Óscar Lagos

Personal information
- Full name: Óscar Abraham Lagos Núñez
- Date of birth: 17 June 1973 (age 53)
- Place of birth: Villa de San Francisco, Honduras
- Height: 1.76 m (5 ft 9 in)
- Position: Midfielder

Youth career
- 1986: Melgar

Senior career*
- Years: Team / Apps / (Gls)
- 1991–1995: Motagua
- 1995–1996: Real Maya
- 1997–2001: Motagua
- 2001–2003: Dragón
- 2003: Real Patepluma
- 2005–2006: Universidad
- 2006–2007: Real Estelí

International career
- 1995–2001: Honduras / 18 / (0)

= Óscar Lagos =

Honduran footballer (born 1973)

Óscar Abraham Lagos Núñez (born 17 June 1973) is a retired Honduran football player.

==Club career==
Nicknamed el Mexicano because he lived there with his mother in his youth, Lagos played the majority of his career for F.C. Motagua for whom he scored 2 league goals, but also had spells with Real Maya, Real Patepluma and Universidad. He played abroad for Salvadoran outfit Dragón and in 2006 he moved to Nicaragua to play with Real Estelí.

==International career==
Lagos made his debut for Honduras in a March 1995 friendly match against Brazil and has earned a total of 18 caps, scoring no goals. He has represented his country in 1 FIFA World Cup qualification match and played at the 1996 and 2000 CONCACAF Gold Cups as well as at the 2001 Copa América, where he tested positive for the use of cocaine and marihuana after failing a test after their opening game against Costa Rica. He was subsequently banned from playing for two years.
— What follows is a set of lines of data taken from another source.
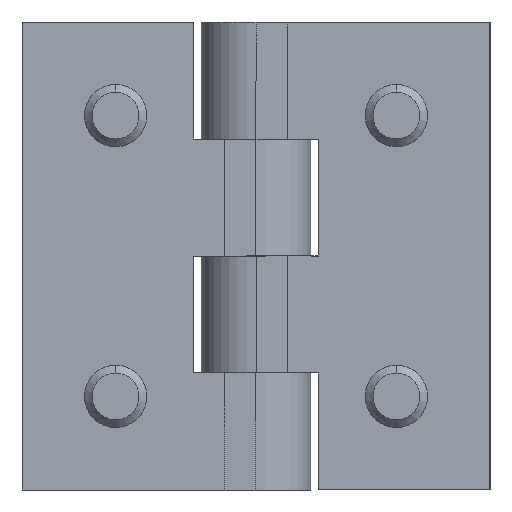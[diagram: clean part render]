
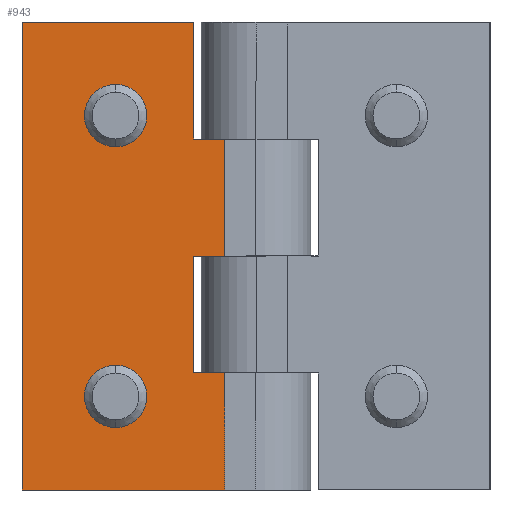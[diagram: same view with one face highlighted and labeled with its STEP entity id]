
A CAD part, front view. The second image highlights one B-rep face of the part: STEP entity #943.
In plain terms, the highlighted planar face has unit normal (0, -1, 0).
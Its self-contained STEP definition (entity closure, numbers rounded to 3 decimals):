
#2 = VERTEX_POINT ( 'NONE', #2869 ) ;
#23 = DIRECTION ( 'NONE',  ( -1., 0., 0. ) ) ;
#29 = AXIS2_PLACEMENT_3D ( 'NONE', #1249, #2211, #1468 ) ;
#76 = VERTEX_POINT ( 'NONE', #1429 ) ;
#95 = EDGE_CURVE ( 'NONE', #2, #2701, #1935, .T. ) ;
#100 = VERTEX_POINT ( 'NONE', #1412 ) ;
#129 = VECTOR ( 'NONE', #23, 1000. ) ;
#136 = FACE_BOUND ( 'NONE', #1048, .T. ) ;
#196 = EDGE_CURVE ( 'NONE', #1564, #100, #292, .T. ) ;
#203 = ORIENTED_EDGE ( 'NONE', *, *, #196, .F. ) ;
#208 = CARTESIAN_POINT ( 'NONE',  ( 7., -8., 0. ) ) ;
#238 = VERTEX_POINT ( 'NONE', #2917 ) ;
#292 = LINE ( 'NONE', #337, #1472 ) ;
#307 = ORIENTED_EDGE ( 'NONE', *, *, #2750, .F. ) ;
#337 = CARTESIAN_POINT ( 'NONE',  ( -8., -8., 30. ) ) ;
#343 = CIRCLE ( 'NONE', #1186, 4. ) ;
#351 = VERTEX_POINT ( 'NONE', #1406 ) ;
#361 = EDGE_LOOP ( 'NONE', ( #2294, #1477, #1380, #1223, #1999, #2818, #1645, #203, #927, #642 ) ) ;
#398 = CARTESIAN_POINT ( 'NONE',  ( 7., -8., -15. ) ) ;
#404 = CARTESIAN_POINT ( 'NONE',  ( -14., -8., 18. ) ) ;
#465 = CARTESIAN_POINT ( 'NONE',  ( -30., -8., 30. ) ) ;
#489 = AXIS2_PLACEMENT_3D ( 'NONE', #2450, #1649, #945 ) ;
#539 = CARTESIAN_POINT ( 'NONE',  ( -30., -8., -15. ) ) ;
#642 = ORIENTED_EDGE ( 'NONE', *, *, #2088, .F. ) ;
#659 = EDGE_CURVE ( 'NONE', #1741, #351, #1811, .T. ) ;
#703 = EDGE_CURVE ( 'NONE', #100, #1132, #1562, .T. ) ;
#717 = DIRECTION ( 'NONE',  ( 0., -1., 0. ) ) ;
#769 = VECTOR ( 'NONE', #1344, 1000. ) ;
#846 = VERTEX_POINT ( 'NONE', #982 ) ;
#852 = LINE ( 'NONE', #2307, #2283 ) ;
#891 = CARTESIAN_POINT ( 'NONE',  ( -18., -8., -18. ) ) ;
#927 = ORIENTED_EDGE ( 'NONE', *, *, #1287, .T. ) ;
#943 = ADVANCED_FACE ( 'NONE', ( #136, #2793, #2731 ), #1072, .T. ) ;
#945 = DIRECTION ( 'NONE',  ( 1., 0., 0. ) ) ;
#954 = CARTESIAN_POINT ( 'NONE',  ( -18., -8., -18. ) ) ;
#972 = CIRCLE ( 'NONE', #2737, 4. ) ;
#982 = CARTESIAN_POINT ( 'NONE',  ( -22., -8., 18. ) ) ;
#1011 = CARTESIAN_POINT ( 'NONE',  ( -30., -8., -30. ) ) ;
#1035 = VECTOR ( 'NONE', #1352, 1000. ) ;
#1048 = EDGE_LOOP ( 'NONE', ( #2537, #2882 ) ) ;
#1065 = VECTOR ( 'NONE', #2152, 1000. ) ;
#1072 = PLANE ( 'NONE',  #1321 ) ;
#1114 = EDGE_CURVE ( 'NONE', #238, #1408, #972, .T. ) ;
#1117 = DIRECTION ( 'NONE',  ( 1., 0., 0. ) ) ;
#1132 = VERTEX_POINT ( 'NONE', #2830 ) ;
#1186 = AXIS2_PLACEMENT_3D ( 'NONE', #954, #2098, #3060 ) ;
#1223 = ORIENTED_EDGE ( 'NONE', *, *, #2520, .T. ) ;
#1225 = VECTOR ( 'NONE', #2662, 1000. ) ;
#1249 = CARTESIAN_POINT ( 'NONE',  ( -18., -8., 18. ) ) ;
#1283 = CARTESIAN_POINT ( 'NONE',  ( 7., -8., -15. ) ) ;
#1287 = EDGE_CURVE ( 'NONE', #1564, #2692, #2694, .T. ) ;
#1321 = AXIS2_PLACEMENT_3D ( 'NONE', #398, #2242, #2977 ) ;
#1344 = DIRECTION ( 'NONE',  ( 0., 0., -1. ) ) ;
#1351 = EDGE_LOOP ( 'NONE', ( #307, #2816 ) ) ;
#1352 = DIRECTION ( 'NONE',  ( 1., 0., 0. ) ) ;
#1380 = ORIENTED_EDGE ( 'NONE', *, *, #659, .F. ) ;
#1406 = CARTESIAN_POINT ( 'NONE',  ( -8., -8., -15. ) ) ;
#1408 = VERTEX_POINT ( 'NONE', #1583 ) ;
#1412 = CARTESIAN_POINT ( 'NONE',  ( -8., -8., 30. ) ) ;
#1429 = CARTESIAN_POINT ( 'NONE',  ( -4., -8., 0. ) ) ;
#1468 = DIRECTION ( 'NONE',  ( 1., 0., 0. ) ) ;
#1472 = VECTOR ( 'NONE', #2724, 1000. ) ;
#1477 = ORIENTED_EDGE ( 'NONE', *, *, #1823, .T. ) ;
#1562 = LINE ( 'NONE', #3056, #1922 ) ;
#1564 = VERTEX_POINT ( 'NONE', #465 ) ;
#1583 = CARTESIAN_POINT ( 'NONE',  ( -22., -8., -18. ) ) ;
#1645 = ORIENTED_EDGE ( 'NONE', *, *, #703, .F. ) ;
#1649 = DIRECTION ( 'NONE',  ( 0., -1., 0. ) ) ;
#1741 = VERTEX_POINT ( 'NONE', #1926 ) ;
#1784 = DIRECTION ( 'NONE',  ( -1., 0., 0. ) ) ;
#1801 = EDGE_CURVE ( 'NONE', #76, #2721, #852, .T. ) ;
#1811 = LINE ( 'NONE', #2797, #769 ) ;
#1823 = EDGE_CURVE ( 'NONE', #2701, #351, #2273, .T. ) ;
#1829 = VECTOR ( 'NONE', #1784, 1000. ) ;
#1839 = LINE ( 'NONE', #3019, #2844 ) ;
#1922 = VECTOR ( 'NONE', #2569, 1000. ) ;
#1926 = CARTESIAN_POINT ( 'NONE',  ( -8., -8., 0. ) ) ;
#1935 = LINE ( 'NONE', #2373, #1065 ) ;
#1999 = ORIENTED_EDGE ( 'NONE', *, *, #1801, .T. ) ;
#2088 = EDGE_CURVE ( 'NONE', #2, #2692, #2617, .T. ) ;
#2098 = DIRECTION ( 'NONE',  ( 0., -1., 0. ) ) ;
#2152 = DIRECTION ( 'NONE',  ( 0., 0., 1. ) ) ;
#2171 = EDGE_CURVE ( 'NONE', #2772, #846, #2898, .T. ) ;
#2211 = DIRECTION ( 'NONE',  ( 0., -1., 0. ) ) ;
#2242 = DIRECTION ( 'NONE',  ( 0., -1., 0. ) ) ;
#2273 = LINE ( 'NONE', #1283, #1829 ) ;
#2283 = VECTOR ( 'NONE', #2515, 1000. ) ;
#2294 = ORIENTED_EDGE ( 'NONE', *, *, #95, .T. ) ;
#2295 = CIRCLE ( 'NONE', #489, 4. ) ;
#2307 = CARTESIAN_POINT ( 'NONE',  ( -4., -8., -30.001 ) ) ;
#2373 = CARTESIAN_POINT ( 'NONE',  ( -4., -8., -30. ) ) ;
#2450 = CARTESIAN_POINT ( 'NONE',  ( -18., -8., 18. ) ) ;
#2511 = EDGE_CURVE ( 'NONE', #1132, #2721, #1839, .T. ) ;
#2515 = DIRECTION ( 'NONE',  ( 0., 0., 1. ) ) ;
#2520 = EDGE_CURVE ( 'NONE', #1741, #76, #3053, .T. ) ;
#2537 = ORIENTED_EDGE ( 'NONE', *, *, #3052, .F. ) ;
#2569 = DIRECTION ( 'NONE',  ( 0., 0., -1. ) ) ;
#2614 = CARTESIAN_POINT ( 'NONE',  ( -4., -8., -15. ) ) ;
#2617 = LINE ( 'NONE', #3088, #129 ) ;
#2662 = DIRECTION ( 'NONE',  ( 0., 0., -1. ) ) ;
#2692 = VERTEX_POINT ( 'NONE', #1011 ) ;
#2694 = LINE ( 'NONE', #539, #1225 ) ;
#2701 = VERTEX_POINT ( 'NONE', #2614 ) ;
#2721 = VERTEX_POINT ( 'NONE', #3107 ) ;
#2724 = DIRECTION ( 'NONE',  ( 1., 0., 0. ) ) ;
#2731 = FACE_OUTER_BOUND ( 'NONE', #361, .T. ) ;
#2737 = AXIS2_PLACEMENT_3D ( 'NONE', #891, #717, #3049 ) ;
#2750 = EDGE_CURVE ( 'NONE', #846, #2772, #2295, .T. ) ;
#2772 = VERTEX_POINT ( 'NONE', #404 ) ;
#2793 = FACE_BOUND ( 'NONE', #1351, .T. ) ;
#2797 = CARTESIAN_POINT ( 'NONE',  ( -8., -8., 0. ) ) ;
#2816 = ORIENTED_EDGE ( 'NONE', *, *, #2171, .F. ) ;
#2818 = ORIENTED_EDGE ( 'NONE', *, *, #2511, .F. ) ;
#2830 = CARTESIAN_POINT ( 'NONE',  ( -8., -8., 15. ) ) ;
#2844 = VECTOR ( 'NONE', #1117, 1000. ) ;
#2869 = CARTESIAN_POINT ( 'NONE',  ( -4., -8., -30. ) ) ;
#2882 = ORIENTED_EDGE ( 'NONE', *, *, #1114, .F. ) ;
#2898 = CIRCLE ( 'NONE', #29, 4. ) ;
#2917 = CARTESIAN_POINT ( 'NONE',  ( -14., -8., -18. ) ) ;
#2977 = DIRECTION ( 'NONE',  ( 1., 0., 0. ) ) ;
#3019 = CARTESIAN_POINT ( 'NONE',  ( 7., -8., 15. ) ) ;
#3049 = DIRECTION ( 'NONE',  ( 1., 0., 0. ) ) ;
#3052 = EDGE_CURVE ( 'NONE', #1408, #238, #343, .T. ) ;
#3053 = LINE ( 'NONE', #208, #1035 ) ;
#3056 = CARTESIAN_POINT ( 'NONE',  ( -8., -8., 30. ) ) ;
#3060 = DIRECTION ( 'NONE',  ( 1., 0., 0. ) ) ;
#3088 = CARTESIAN_POINT ( 'NONE',  ( 7., -8., -30. ) ) ;
#3107 = CARTESIAN_POINT ( 'NONE',  ( -4., -8., 15. ) ) ;

As a consequence, his final international was the July 2001 Copa América match against Bolivia.

==Personal life==
Lagos is divorced and has four children. Former World Cup player Juan Cruz Murillo is an uncle, being the brother of his mother.

Lagos has struggled with drugs from the age of 11, visiting three rehab centers without success. As of September 2015, he was without a job and living in poverty.